- **DIRECTIONS**: Wherever the string "name" appears in the records, return the line that holds it.

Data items
'''
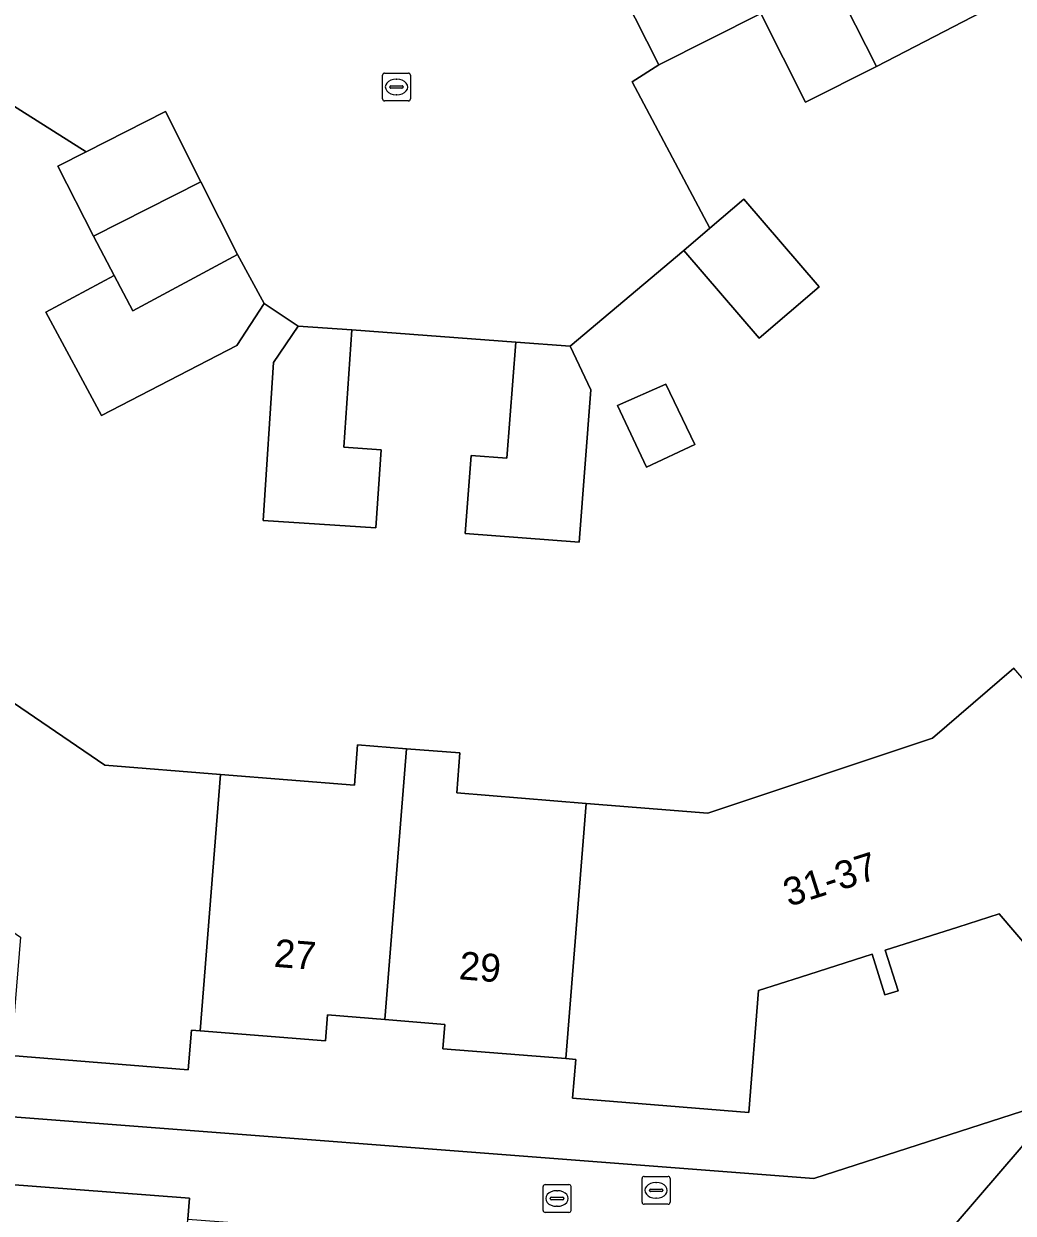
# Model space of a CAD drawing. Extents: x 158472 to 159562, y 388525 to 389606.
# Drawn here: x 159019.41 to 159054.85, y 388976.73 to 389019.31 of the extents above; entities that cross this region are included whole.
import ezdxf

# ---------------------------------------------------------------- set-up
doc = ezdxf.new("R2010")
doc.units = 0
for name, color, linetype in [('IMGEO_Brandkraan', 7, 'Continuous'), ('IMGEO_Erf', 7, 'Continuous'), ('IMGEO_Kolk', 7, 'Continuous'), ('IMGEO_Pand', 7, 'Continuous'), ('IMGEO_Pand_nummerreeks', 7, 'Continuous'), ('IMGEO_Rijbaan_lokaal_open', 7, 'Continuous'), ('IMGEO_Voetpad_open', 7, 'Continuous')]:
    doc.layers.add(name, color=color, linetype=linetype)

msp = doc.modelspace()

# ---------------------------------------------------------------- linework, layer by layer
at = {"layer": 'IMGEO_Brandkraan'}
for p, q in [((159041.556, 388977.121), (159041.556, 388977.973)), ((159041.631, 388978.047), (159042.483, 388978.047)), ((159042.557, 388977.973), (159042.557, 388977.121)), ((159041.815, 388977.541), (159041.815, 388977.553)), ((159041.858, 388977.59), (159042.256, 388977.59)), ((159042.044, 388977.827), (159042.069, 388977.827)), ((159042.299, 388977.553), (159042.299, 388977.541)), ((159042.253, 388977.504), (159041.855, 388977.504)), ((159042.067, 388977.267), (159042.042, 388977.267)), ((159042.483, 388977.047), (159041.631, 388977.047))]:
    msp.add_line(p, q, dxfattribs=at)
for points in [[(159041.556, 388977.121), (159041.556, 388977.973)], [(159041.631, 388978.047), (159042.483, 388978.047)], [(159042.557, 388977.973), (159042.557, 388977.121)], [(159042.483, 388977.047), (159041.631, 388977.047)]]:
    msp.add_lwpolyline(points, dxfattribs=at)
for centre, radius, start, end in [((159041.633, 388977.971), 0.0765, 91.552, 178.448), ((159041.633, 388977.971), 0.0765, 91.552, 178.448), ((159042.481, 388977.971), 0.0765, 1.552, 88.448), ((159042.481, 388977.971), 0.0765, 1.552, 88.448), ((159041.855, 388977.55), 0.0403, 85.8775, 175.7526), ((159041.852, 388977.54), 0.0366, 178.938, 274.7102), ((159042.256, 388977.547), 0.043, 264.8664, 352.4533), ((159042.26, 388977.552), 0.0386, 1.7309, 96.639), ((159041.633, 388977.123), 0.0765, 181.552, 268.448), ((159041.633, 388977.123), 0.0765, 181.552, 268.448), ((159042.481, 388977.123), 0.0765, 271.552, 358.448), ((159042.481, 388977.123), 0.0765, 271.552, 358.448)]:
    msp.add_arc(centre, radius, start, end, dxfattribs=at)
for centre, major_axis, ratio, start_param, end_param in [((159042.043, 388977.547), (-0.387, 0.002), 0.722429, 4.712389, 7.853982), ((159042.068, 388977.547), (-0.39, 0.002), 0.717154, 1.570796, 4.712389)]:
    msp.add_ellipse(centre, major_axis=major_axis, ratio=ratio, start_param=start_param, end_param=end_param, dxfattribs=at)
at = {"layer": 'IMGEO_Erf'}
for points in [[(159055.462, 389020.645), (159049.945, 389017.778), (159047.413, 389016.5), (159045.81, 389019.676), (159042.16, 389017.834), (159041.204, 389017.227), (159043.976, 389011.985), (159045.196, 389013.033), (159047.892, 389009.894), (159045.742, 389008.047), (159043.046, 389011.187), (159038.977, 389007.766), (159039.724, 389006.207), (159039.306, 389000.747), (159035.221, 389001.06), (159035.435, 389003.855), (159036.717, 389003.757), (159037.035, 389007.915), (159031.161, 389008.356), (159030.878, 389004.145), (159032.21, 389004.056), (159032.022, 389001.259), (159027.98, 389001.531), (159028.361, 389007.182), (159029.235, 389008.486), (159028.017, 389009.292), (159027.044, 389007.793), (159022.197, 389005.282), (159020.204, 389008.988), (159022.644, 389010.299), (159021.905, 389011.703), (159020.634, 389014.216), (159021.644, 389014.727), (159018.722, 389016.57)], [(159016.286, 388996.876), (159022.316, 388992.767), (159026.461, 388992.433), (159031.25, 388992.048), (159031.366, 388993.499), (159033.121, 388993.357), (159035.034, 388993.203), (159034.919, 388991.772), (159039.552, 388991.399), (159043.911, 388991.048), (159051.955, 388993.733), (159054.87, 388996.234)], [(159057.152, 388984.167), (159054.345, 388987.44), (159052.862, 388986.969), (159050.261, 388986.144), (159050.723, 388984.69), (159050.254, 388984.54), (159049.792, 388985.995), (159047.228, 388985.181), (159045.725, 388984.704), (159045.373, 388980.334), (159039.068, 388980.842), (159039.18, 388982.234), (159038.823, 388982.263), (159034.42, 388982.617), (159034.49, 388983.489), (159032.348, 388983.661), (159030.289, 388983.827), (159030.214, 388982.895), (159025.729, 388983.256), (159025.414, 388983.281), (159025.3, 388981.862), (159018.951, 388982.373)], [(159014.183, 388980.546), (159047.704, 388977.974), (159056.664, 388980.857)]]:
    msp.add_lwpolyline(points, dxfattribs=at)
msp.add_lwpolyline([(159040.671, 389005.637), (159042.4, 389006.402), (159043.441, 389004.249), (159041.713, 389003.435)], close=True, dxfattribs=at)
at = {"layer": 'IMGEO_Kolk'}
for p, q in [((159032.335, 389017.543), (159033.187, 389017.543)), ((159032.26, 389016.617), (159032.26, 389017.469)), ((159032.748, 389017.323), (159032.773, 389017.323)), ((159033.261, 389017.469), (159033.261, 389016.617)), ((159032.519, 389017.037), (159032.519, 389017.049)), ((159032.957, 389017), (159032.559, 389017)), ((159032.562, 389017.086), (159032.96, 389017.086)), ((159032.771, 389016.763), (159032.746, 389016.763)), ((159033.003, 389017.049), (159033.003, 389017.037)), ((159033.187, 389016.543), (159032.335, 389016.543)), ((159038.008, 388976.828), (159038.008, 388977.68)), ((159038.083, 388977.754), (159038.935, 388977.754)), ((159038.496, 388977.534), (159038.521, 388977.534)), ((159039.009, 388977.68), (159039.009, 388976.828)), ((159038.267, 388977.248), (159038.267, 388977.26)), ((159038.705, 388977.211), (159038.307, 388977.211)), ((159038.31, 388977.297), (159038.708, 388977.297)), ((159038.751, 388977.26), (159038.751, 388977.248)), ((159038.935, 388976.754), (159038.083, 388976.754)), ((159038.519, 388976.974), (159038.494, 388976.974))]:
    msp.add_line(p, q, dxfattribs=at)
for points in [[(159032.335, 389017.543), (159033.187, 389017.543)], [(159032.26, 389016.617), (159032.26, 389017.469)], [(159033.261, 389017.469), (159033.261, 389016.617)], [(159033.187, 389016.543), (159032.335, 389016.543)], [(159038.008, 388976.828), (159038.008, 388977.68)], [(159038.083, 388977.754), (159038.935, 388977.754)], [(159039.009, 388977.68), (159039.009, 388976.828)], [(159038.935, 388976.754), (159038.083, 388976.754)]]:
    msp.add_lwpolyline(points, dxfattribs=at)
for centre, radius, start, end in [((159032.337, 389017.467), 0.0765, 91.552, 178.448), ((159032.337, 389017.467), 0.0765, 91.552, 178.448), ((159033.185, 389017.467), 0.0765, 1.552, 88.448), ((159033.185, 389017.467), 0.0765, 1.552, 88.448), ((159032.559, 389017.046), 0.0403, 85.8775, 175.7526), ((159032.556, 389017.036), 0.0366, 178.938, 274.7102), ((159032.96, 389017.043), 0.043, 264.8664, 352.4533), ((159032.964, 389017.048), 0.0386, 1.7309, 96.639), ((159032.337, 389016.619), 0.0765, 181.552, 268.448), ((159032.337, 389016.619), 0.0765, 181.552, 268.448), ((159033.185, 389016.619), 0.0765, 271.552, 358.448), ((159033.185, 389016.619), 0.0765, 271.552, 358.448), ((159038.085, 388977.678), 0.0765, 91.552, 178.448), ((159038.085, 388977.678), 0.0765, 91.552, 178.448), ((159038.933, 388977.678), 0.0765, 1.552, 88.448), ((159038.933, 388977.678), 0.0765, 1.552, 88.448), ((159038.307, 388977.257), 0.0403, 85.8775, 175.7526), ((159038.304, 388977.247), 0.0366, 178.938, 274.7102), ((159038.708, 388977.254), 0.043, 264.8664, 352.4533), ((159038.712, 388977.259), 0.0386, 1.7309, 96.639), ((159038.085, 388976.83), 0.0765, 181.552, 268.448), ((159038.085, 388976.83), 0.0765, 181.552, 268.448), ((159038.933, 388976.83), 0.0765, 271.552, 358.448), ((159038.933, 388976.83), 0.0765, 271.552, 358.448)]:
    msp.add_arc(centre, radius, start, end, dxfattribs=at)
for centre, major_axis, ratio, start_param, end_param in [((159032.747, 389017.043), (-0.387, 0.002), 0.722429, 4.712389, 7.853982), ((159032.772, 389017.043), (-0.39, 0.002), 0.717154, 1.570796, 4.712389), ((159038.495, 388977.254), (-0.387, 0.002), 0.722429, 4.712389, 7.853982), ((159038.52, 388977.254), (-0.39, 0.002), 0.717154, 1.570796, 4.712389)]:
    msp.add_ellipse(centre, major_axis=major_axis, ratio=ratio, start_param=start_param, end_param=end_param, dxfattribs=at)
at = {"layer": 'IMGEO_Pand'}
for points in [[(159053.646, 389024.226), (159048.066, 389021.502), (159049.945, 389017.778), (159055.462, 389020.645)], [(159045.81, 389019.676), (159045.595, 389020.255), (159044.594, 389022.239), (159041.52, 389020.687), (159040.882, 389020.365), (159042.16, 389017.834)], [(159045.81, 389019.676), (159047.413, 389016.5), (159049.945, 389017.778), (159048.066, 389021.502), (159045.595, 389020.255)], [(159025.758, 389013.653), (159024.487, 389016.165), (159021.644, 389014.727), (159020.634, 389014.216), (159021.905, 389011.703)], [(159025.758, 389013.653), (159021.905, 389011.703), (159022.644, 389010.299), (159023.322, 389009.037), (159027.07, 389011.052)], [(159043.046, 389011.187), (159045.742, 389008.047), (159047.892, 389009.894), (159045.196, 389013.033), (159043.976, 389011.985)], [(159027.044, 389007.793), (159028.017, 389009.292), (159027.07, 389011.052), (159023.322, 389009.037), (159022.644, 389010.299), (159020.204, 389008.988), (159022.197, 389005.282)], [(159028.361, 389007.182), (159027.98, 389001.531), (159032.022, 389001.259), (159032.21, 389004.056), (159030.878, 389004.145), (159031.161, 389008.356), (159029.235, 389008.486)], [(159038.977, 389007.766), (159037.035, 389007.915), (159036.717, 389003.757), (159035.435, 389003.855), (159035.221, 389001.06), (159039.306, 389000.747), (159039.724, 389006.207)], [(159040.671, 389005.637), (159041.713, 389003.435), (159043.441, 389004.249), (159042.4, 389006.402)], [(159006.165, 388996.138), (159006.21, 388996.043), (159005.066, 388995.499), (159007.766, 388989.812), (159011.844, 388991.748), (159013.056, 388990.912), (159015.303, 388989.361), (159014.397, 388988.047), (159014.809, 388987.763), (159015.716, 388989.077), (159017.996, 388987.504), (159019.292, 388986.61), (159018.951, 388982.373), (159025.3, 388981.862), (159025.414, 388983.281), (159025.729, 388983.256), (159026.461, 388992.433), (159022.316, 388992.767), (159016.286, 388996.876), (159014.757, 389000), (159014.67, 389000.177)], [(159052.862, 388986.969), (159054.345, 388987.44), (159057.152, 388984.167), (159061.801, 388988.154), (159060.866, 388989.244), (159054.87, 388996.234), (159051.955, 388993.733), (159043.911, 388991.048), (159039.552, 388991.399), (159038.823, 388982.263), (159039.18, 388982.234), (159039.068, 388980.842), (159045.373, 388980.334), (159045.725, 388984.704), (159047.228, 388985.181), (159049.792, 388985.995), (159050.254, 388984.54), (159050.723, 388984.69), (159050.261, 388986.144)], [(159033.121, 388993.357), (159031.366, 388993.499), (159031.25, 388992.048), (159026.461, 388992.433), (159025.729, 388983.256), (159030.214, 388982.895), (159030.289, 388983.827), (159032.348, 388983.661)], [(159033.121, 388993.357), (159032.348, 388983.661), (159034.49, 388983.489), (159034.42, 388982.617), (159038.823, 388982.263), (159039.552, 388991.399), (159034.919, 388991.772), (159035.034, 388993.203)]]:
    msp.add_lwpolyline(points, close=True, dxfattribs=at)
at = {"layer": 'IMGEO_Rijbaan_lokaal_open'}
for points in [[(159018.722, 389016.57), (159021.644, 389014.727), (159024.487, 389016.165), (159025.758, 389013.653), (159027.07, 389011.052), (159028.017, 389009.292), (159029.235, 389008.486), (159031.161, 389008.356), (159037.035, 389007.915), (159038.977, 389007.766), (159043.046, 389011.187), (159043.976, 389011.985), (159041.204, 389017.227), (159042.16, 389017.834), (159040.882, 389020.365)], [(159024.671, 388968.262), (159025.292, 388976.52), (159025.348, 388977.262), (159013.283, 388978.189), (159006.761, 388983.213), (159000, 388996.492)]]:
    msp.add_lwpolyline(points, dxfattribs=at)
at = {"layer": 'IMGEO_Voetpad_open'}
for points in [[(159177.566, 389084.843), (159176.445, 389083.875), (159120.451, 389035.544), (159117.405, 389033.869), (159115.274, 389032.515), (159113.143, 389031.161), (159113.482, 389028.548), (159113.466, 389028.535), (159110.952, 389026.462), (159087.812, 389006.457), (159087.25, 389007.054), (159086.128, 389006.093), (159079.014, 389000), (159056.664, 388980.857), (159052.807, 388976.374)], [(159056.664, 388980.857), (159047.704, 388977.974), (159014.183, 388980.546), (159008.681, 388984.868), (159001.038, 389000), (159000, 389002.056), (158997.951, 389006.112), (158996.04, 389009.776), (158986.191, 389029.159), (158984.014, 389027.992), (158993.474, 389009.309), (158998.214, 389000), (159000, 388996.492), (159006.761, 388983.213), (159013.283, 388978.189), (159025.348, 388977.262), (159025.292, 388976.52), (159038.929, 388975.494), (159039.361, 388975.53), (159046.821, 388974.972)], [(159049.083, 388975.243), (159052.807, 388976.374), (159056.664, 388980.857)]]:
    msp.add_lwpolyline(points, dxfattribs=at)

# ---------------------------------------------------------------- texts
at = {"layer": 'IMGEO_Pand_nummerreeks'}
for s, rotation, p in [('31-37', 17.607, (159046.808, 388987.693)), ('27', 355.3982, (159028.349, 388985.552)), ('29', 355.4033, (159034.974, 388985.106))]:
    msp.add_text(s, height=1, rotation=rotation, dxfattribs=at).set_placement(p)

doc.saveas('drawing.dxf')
'''
- **EXPECTED ANSWER**:
for name, color, linetype in [('IMGEO_Brandkraan', 7, 'Continuous'), ('IMGEO_Erf', 7, 'Continuous'), ('IMGEO_Kolk', 7, 'Continuous'), ('IMGEO_Pand', 7, 'Continuous'), ('IMGEO_Pand_nummerreeks', 7, 'Continuous'), ('IMGEO_Rijbaan_lokaal_open', 7, 'Continuous'), ('IMGEO_Voetpad_open', 7, 'Continuous')]:
    doc.layers.add(name, color=color, linetype=linetype)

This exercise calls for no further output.